ISSN: 2222-6990
Open access
By analyzing how AI alters the sensing, seizing, and reconfiguring processes, this study rethinks the micro-foundations of dynamic capabilities (DC) in the era of artificial intelligence. The emergence of AI introduces new actors, mechanisms, and decision logics that drastically change how businesses perceive their surroundings and react to change. Traditional Dynamic Capabilities theory is based on human cognition, routines, and experiential judgment. This study creates a hybrid framework with hybrid actors, algorithmic mechanisms, and hybrid decision logic based on dynamic capability theory, organizational information processing, human–AI collaboration, and algorithmic agency research. The analysis demonstrates that AI is an emerging meta-capability that increases the scope and speed of environmental sensing, rather than just a technical tool, accelerates resource reconfiguration through automation and digital replication and improves strategic seizing through simulation, prediction, and optimization.

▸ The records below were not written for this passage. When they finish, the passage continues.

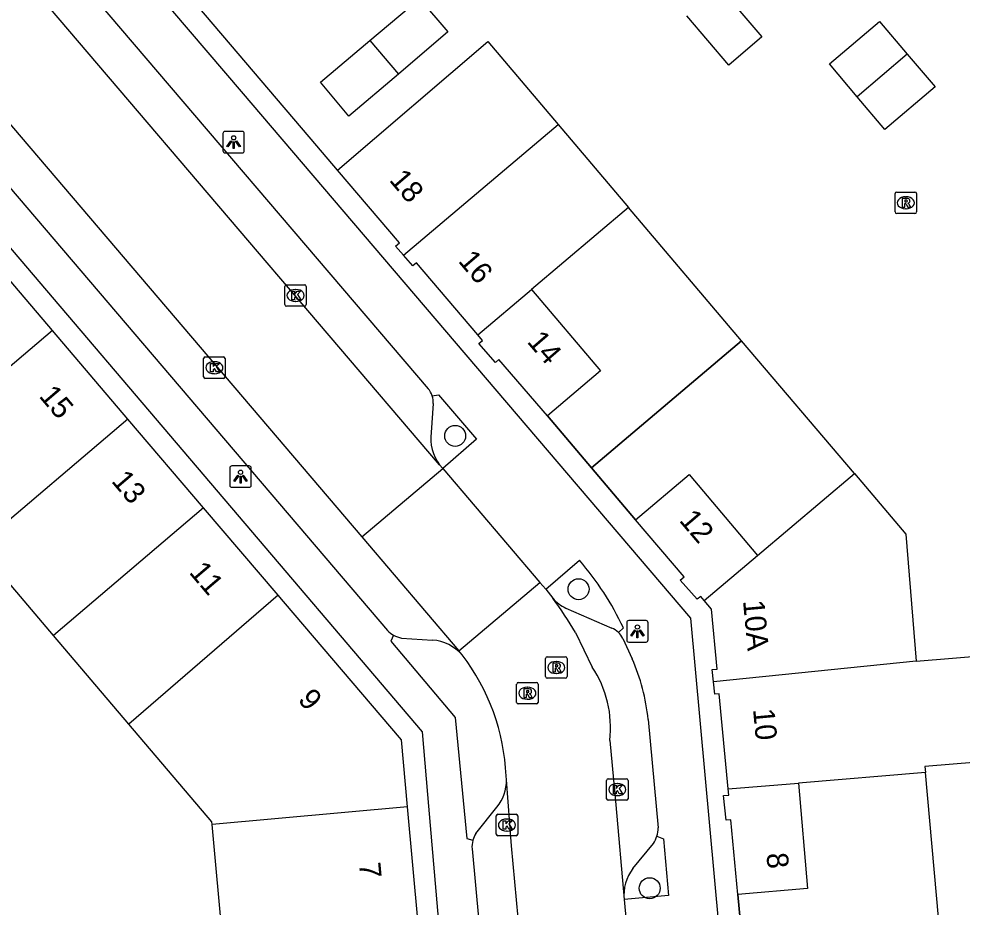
# Model space of a CAD drawing. Extents: x 160379 to 161131, y 383940 to 384849.
# Drawn here: x 160578.08 to 160622.08, y 384539.34 to 384580.77 of the extents above; entities that cross this region are included whole.
import ezdxf

# ---------------------------------------------------------------- set-up
doc = ezdxf.new("R2010")
doc.units = 0
for name, color, linetype in [('IMGEO_Boom', 7, 'Continuous'), ('IMGEO_Erf', 7, 'Continuous'), ('IMGEO_Kolk', 7, 'Continuous'), ('IMGEO_Lichtpunt', 7, 'Continuous'), ('IMGEO_Pand', 7, 'Continuous'), ('IMGEO_Pand_nummerreeks', 7, 'Continuous'), ('IMGEO_Pand_overbouw', 7, 'Continuous'), ('IMGEO_Parkeervlak_open', 7, 'Continuous'), ('IMGEO_Rijbaan_lokaal_open', 7, 'Continuous'), ('IMGEO_Rioolput', 7, 'Continuous'), ('IMGEO_Voetpad_open', 7, 'Continuous')]:
    doc.layers.add(name, color=color, linetype=linetype)

msp = doc.modelspace()

# ---------------------------------------------------------------- linework, layer by layer
at = {"layer": 'IMGEO_Boom'}
for centre in [(160598.433, 384561.32), (160604.19, 384554.17), (160607.508, 384540.221)]:
    msp.add_circle(centre, 0.489, dxfattribs=at)
at = {"layer": 'IMGEO_Erf'}
for points in [[(160592.951, 384573.709), (160591.976, 384574.85), (160586.069, 384581.798)], [(160606.847, 384557.402), (160604.794, 384559.83), (160602.741, 384562.257)], [(160612.221, 384533.608), (160611.92, 384536.772), (160611.62, 384539.935)]]:
    msp.add_lwpolyline(points, dxfattribs=at)
at = {"layer": 'IMGEO_Kolk'}
for p, q in [((160590.486, 384567.444), (160590.486, 384568.296)), ((160590.561, 384568.37), (160591.413, 384568.37)), ((160590.974, 384568.15), (160590.999, 384568.15)), ((160591.487, 384568.296), (160591.487, 384567.444)), ((160590.997, 384567.59), (160590.972, 384567.59)), ((160591.413, 384567.37), (160590.561, 384567.37)), ((160586.698, 384564.077), (160586.698, 384564.929)), ((160586.773, 384565.003), (160587.625, 384565.003)), ((160587.699, 384564.929), (160587.699, 384564.077)), ((160587.186, 384564.783), (160587.211, 384564.783)), ((160587.625, 384564.003), (160586.773, 384564.003)), ((160587.209, 384564.223), (160587.184, 384564.223)), ((160605.498, 384544.398), (160605.498, 384545.25)), ((160605.573, 384545.324), (160606.425, 384545.324)), ((160605.986, 384545.104), (160606.011, 384545.104)), ((160606.499, 384545.25), (160606.499, 384544.398)), ((160606.425, 384544.324), (160605.573, 384544.324)), ((160606.009, 384544.544), (160605.984, 384544.544)), ((160600.349, 384542.743), (160600.349, 384543.595)), ((160600.424, 384543.669), (160601.276, 384543.669)), ((160600.837, 384543.449), (160600.862, 384543.449)), ((160601.35, 384543.595), (160601.35, 384542.743)), ((160600.86, 384542.889), (160600.835, 384542.889)), ((160601.276, 384542.669), (160600.424, 384542.669))]:
    msp.add_line(p, q, dxfattribs=at)
for points in [[(160590.486, 384567.444), (160590.486, 384568.296)], [(160590.561, 384568.37), (160591.413, 384568.37)], [(160590.807, 384568.07), (160590.93, 384568.07), (160590.93, 384567.919), (160591.06, 384568.07), (160591.224, 384568.07), (160591.078, 384567.919), (160591.231, 384567.67), (160591.079, 384567.67), (160590.994, 384567.834), (160590.93, 384567.767), (160590.93, 384567.67), (160590.807, 384567.67), (160590.807, 384568.07)], [(160591.487, 384568.296), (160591.487, 384567.444)], [(160591.413, 384567.37), (160590.561, 384567.37)], [(160586.698, 384564.077), (160586.698, 384564.929)], [(160586.773, 384565.003), (160587.625, 384565.003)], [(160587.699, 384564.929), (160587.699, 384564.077)], [(160587.019, 384564.703), (160587.142, 384564.703), (160587.142, 384564.552), (160587.272, 384564.703), (160587.436, 384564.703), (160587.29, 384564.552), (160587.443, 384564.303), (160587.291, 384564.303), (160587.206, 384564.467), (160587.142, 384564.4), (160587.142, 384564.303), (160587.019, 384564.303), (160587.019, 384564.703)], [(160587.625, 384564.003), (160586.773, 384564.003)], [(160605.498, 384544.398), (160605.498, 384545.25)], [(160605.573, 384545.324), (160606.425, 384545.324)], [(160606.499, 384545.25), (160606.499, 384544.398)], [(160605.819, 384545.024), (160605.942, 384545.024), (160605.942, 384544.873), (160606.072, 384545.024), (160606.236, 384545.024), (160606.09, 384544.873), (160606.243, 384544.624), (160606.091, 384544.624), (160606.006, 384544.788), (160605.942, 384544.721), (160605.942, 384544.624), (160605.819, 384544.624), (160605.819, 384545.024)], [(160606.425, 384544.324), (160605.573, 384544.324)], [(160600.349, 384542.743), (160600.349, 384543.595)], [(160600.424, 384543.669), (160601.276, 384543.669)], [(160600.67, 384543.369), (160600.793, 384543.369), (160600.793, 384543.218), (160600.923, 384543.369), (160601.087, 384543.369), (160600.941, 384543.218), (160601.094, 384542.969), (160600.942, 384542.969), (160600.857, 384543.133), (160600.793, 384543.066), (160600.793, 384542.969), (160600.67, 384542.969), (160600.67, 384543.369)], [(160601.35, 384543.595), (160601.35, 384542.743)], [(160601.276, 384542.669), (160600.424, 384542.669)]]:
    msp.add_lwpolyline(points, dxfattribs=at)
for centre, start, end in [((160590.563, 384568.294), 91.552, 178.448), ((160590.563, 384568.294), 91.552, 178.448), ((160591.411, 384568.294), 1.552, 88.448), ((160591.411, 384568.294), 1.552, 88.448), ((160590.563, 384567.446), 181.552, 268.448), ((160590.563, 384567.446), 181.552, 268.448), ((160591.411, 384567.446), 271.552, 358.448), ((160591.411, 384567.446), 271.552, 358.448), ((160586.775, 384564.927), 91.552, 178.448), ((160586.775, 384564.927), 91.552, 178.448), ((160587.623, 384564.927), 1.552, 88.448), ((160587.623, 384564.927), 1.552, 88.448), ((160586.775, 384564.079), 181.552, 268.448), ((160586.775, 384564.079), 181.552, 268.448), ((160587.623, 384564.079), 271.552, 358.448), ((160587.623, 384564.079), 271.552, 358.448), ((160605.575, 384545.248), 91.552, 178.448), ((160605.575, 384545.248), 91.552, 178.448), ((160606.423, 384545.248), 1.552, 88.448), ((160606.423, 384545.248), 1.552, 88.448), ((160605.575, 384544.4), 181.552, 268.448), ((160605.575, 384544.4), 181.552, 268.448), ((160606.423, 384544.4), 271.552, 358.448), ((160606.423, 384544.4), 271.552, 358.448), ((160600.426, 384543.593), 91.552, 178.448), ((160600.426, 384543.593), 91.552, 178.448), ((160601.274, 384543.593), 1.552, 88.448), ((160601.274, 384543.593), 1.552, 88.448), ((160600.426, 384542.745), 181.552, 268.448), ((160600.426, 384542.745), 181.552, 268.448), ((160601.274, 384542.745), 271.552, 358.448), ((160601.274, 384542.745), 271.552, 358.448)]:
    msp.add_arc(centre, 0.0765, start, end, dxfattribs=at)
for centre, major_axis, ratio, start_param, end_param in [((160590.973, 384567.87), (-0.387, 0.002), 0.722429, 4.712389, 7.853982), ((160590.998, 384567.87), (-0.39, 0.002), 0.717154, 1.570796, 4.712389), ((160587.185, 384564.503), (-0.387, 0.002), 0.722429, 4.712389, 7.853982), ((160587.21, 384564.503), (-0.39, 0.002), 0.717154, 1.570796, 4.712389), ((160605.985, 384544.824), (-0.387, 0.002), 0.722429, 4.712389, 7.853982), ((160606.01, 384544.824), (-0.39, 0.002), 0.717154, 1.570796, 4.712389), ((160600.836, 384543.169), (-0.387, 0.002), 0.722429, 4.712389, 7.853982), ((160600.861, 384543.169), (-0.39, 0.002), 0.717154, 1.570796, 4.712389)]:
    msp.add_ellipse(centre, major_axis=major_axis, ratio=ratio, start_param=start_param, end_param=end_param, dxfattribs=at)
at = {"layer": 'IMGEO_Lichtpunt'}
for p, q in [((160588.502, 384575.521), (160587.694, 384575.521)), ((160588.502, 384575.521), (160587.694, 384575.521)), ((160587.6, 384575.426), (160587.6, 384574.619)), ((160587.6, 384575.426), (160587.6, 384574.619)), ((160588.596, 384574.619), (160588.596, 384575.426)), ((160588.596, 384574.619), (160588.596, 384575.426)), ((160587.694, 384574.525), (160588.502, 384574.525)), ((160587.694, 384574.525), (160588.502, 384574.525)), ((160587.92, 384559.826), (160587.92, 384559.019)), ((160587.92, 384559.826), (160587.92, 384559.019)), ((160588.822, 384559.921), (160588.014, 384559.921)), ((160588.822, 384559.921), (160588.014, 384559.921)), ((160588.916, 384559.019), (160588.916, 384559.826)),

These changes result in a hybrid human-AI configuration rather than a human-centric model for capability formation. Empirical research is necessary as a conceptual study to verify the suggested claims and investigate cross-industry variations and the dynamics of human–AI interaction. Practically, firms must redesign their sensing, decision-making, and reconfiguration systems to integrate AI, while managers need new competencies in orchestrating human–AI collaboration and overseeing algorithmic governance. This study provides one of the earliest systematic frameworks for understanding how AI reshapes the micro foundations of dynamic capabilities and offers a new theoretical lens for explaining enterprise evolution in the AI era.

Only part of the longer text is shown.